__Work to be completed__
Copy all the records exactly, but keep the pictures out of your version.

(Items from a data source)
---+---
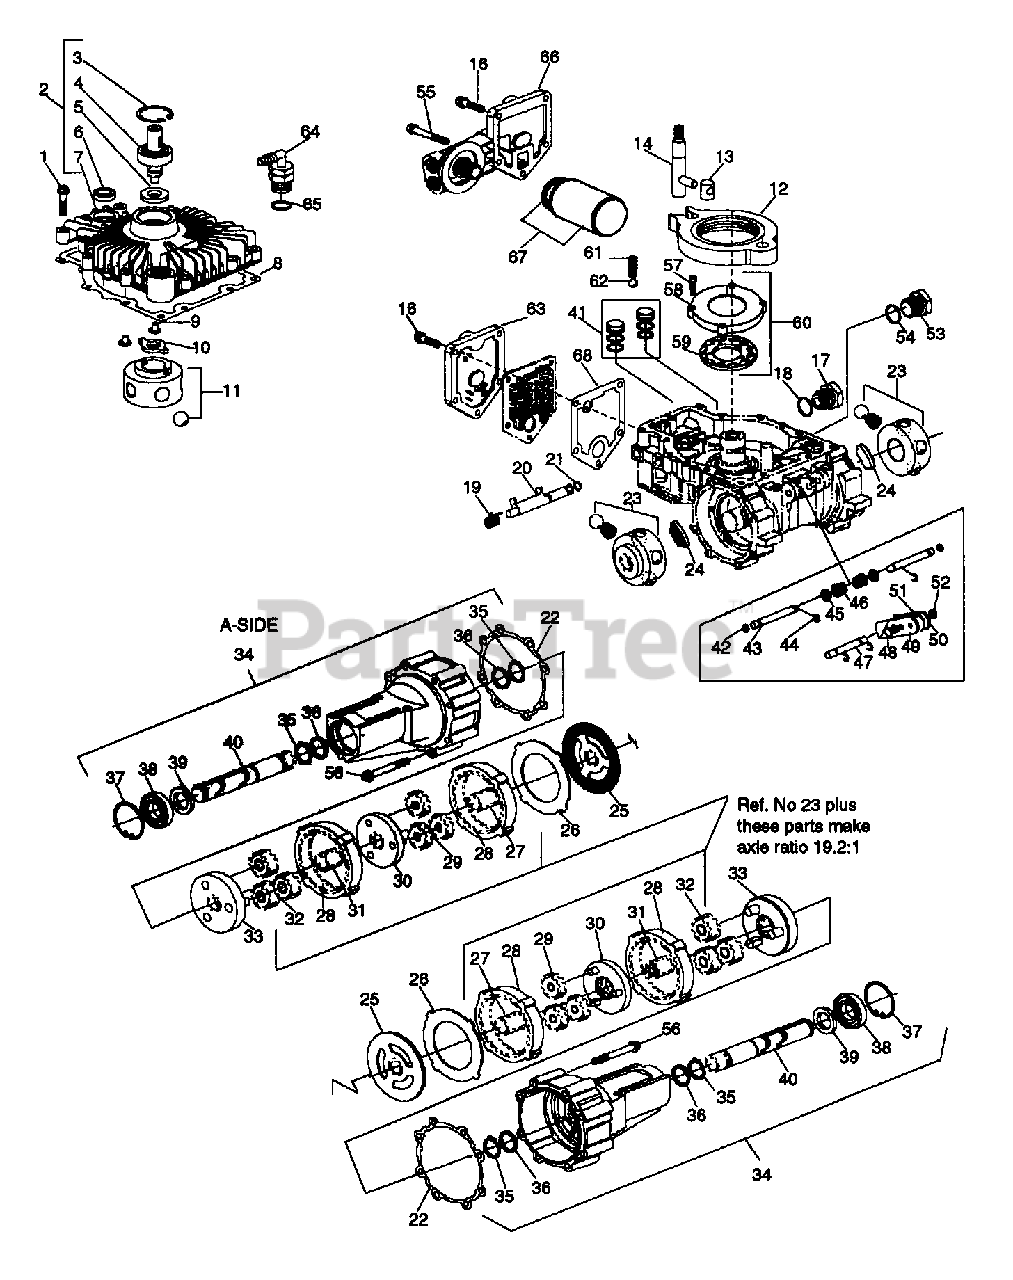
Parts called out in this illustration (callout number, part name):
1	SCREW, 1/4-20 SELF TAP
3	RING RETAINING, INT
4	INPUT SHAFT
5	SEAL, INPUT SHAFT
6	SEAL, CONTROL SHAFT
7	COVER
8	GASKET, COVER
11	PUMP, ROTOR-BALL-PIN S/A
11	PUMP ROTOR/BALL/PIN
12	CAM RING
14	CONTROL SHAFT SUBASSEMBLY
16	SCREW, 1/4 -20 HEX FLANGE
17	DUMP VALVE NUT
19	SPRING, DUMP VALVE
20	BRACKET, DUMP VALVE
21	O-RING, DUMP VALVE BRACKET
22	GASKET, AXLE HOUSING
23	15T MOTOR, ROTOR-BALL S/A
23	MOTOR ROTOR-BALL SUBASSEMBLY
24	PAD, FRICTION
25	PLATE, REACTION
26	PLATE, BACKUP
27	SUN GEAR 15T, FIRST
27	SUN GEAR, 18T, FIRST
28	RING GEAR 57T
28	RING GEAR 54T
29	PLANET GEAR 21T
29	PLANET GEAR 18T
30	PRIMARY CARRIER 15T
31	SUN GEAR 1ST, SECOND
32	PLANET GEAR 21T, SECOND
33	PLANET GEAR 21T, SECOND
34	AXLE HOUSING
35	RETAINING RING, EXT. - B
36	WASHER, THRUST
37	RETAINING RING, INT.
38	BEARING, AXLE SHAFT
39	SEAL, AXLE SHAFT
40	AXLE SHAFT
42	QUAD SEAL
43	PUSH ROD
45	SPRING BASE
46	CONICAL SPRING
47	BRAKE SHAFT
48	BLT-HEX .25-20X.75 PL GR5
49	BRAKE LEVER, RH
50	BRAKE LEVER, LH
52	NUT-LK TOP .250-20 PL
53	.625 RT ANGLE FITTING/O-RING
54	O-RING
55	SCREW 1/4-20 HEX FLANGE
56	SCREW 5/16 HEX FLANGE
57	SCREW, SOCKET, CAP
58	PUMP PLATE
59	GEROTOR
60	PLATE, PUMP & GEROTOR
61	SPRING, RELIEF VALVE
62	BALL, GRADE 200
63	COVER, VALVE
64	ADAPTER, RESERVOIR, 90 DEGREE
65	O-RING
66	FILTER BASE S/A
67	FILTER, OIL (WISEAL)
68	GASKET, FILTER BASE
68	GASKET
---+---
__Answer section__
Parts called out in this illustration (callout number, part name):
1	SCREW, 1/4-20 SELF TAP
3	RING RETAINING, INT
4	INPUT SHAFT
5	SEAL, INPUT SHAFT
6	SEAL, CONTROL SHAFT
7	COVER
8	GASKET, COVER
11	PUMP, ROTOR-BALL-PIN S/A
11	PUMP ROTOR/BALL/PIN
12	CAM RING
14	CONTROL SHAFT SUBASSEMBLY
16	SCREW, 1/4 -20 HEX FLANGE
17	DUMP VALVE NUT
19	SPRING, DUMP VALVE
20	BRACKET, DUMP VALVE
21	O-RING, DUMP VALVE BRACKET
22	GASKET, AXLE HOUSING
23	15T MOTOR, ROTOR-BALL S/A
23	MOTOR ROTOR-BALL SUBASSEMBLY
24	PAD, FRICTION
25	PLATE, REACTION
26	PLATE, BACKUP
27	SUN GEAR 15T, FIRST
27	SUN GEAR, 18T, FIRST
28	RING GEAR 57T
28	RING GEAR 54T
29	PLANET GEAR 21T
29	PLANET GEAR 18T
30	PRIMARY CARRIER 15T
31	SUN GEAR 1ST, SECOND
32	PLANET GEAR 21T, SECOND
33	PLANET GEAR 21T, SECOND
34	AXLE HOUSING
35	RETAINING RING, EXT. - B
36	WASHER, THRUST
37	RETAINING RING, INT.
38	BEARING, AXLE SHAFT
39	SEAL, AXLE SHAFT
40	AXLE SHAFT
42	QUAD SEAL
43	PUSH ROD
45	SPRING BASE
46	CONICAL SPRING
47	BRAKE SHAFT
48	BLT-HEX .25-20X.75 PL GR5
49	BRAKE LEVER, RH
50	BRAKE LEVER, LH
52	NUT-LK TOP .250-20 PL
53	.625 RT ANGLE FITTING/O-RING
54	O-RING
55	SCREW 1/4-20 HEX FLANGE
56	SCREW 5/16 HEX FLANGE
57	SCREW, SOCKET, CAP
58	PUMP PLATE
59	GEROTOR
60	PLATE, PUMP & GEROTOR
61	SPRING, RELIEF VALVE
62	BALL, GRADE 200
63	COVER, VALVE
64	ADAPTER, RESERVOIR, 90 DEGREE
65	O-RING
66	FILTER BASE S/A
67	FILTER, OIL (WISEAL)
68	GASKET, FILTER BASE
68	GASKET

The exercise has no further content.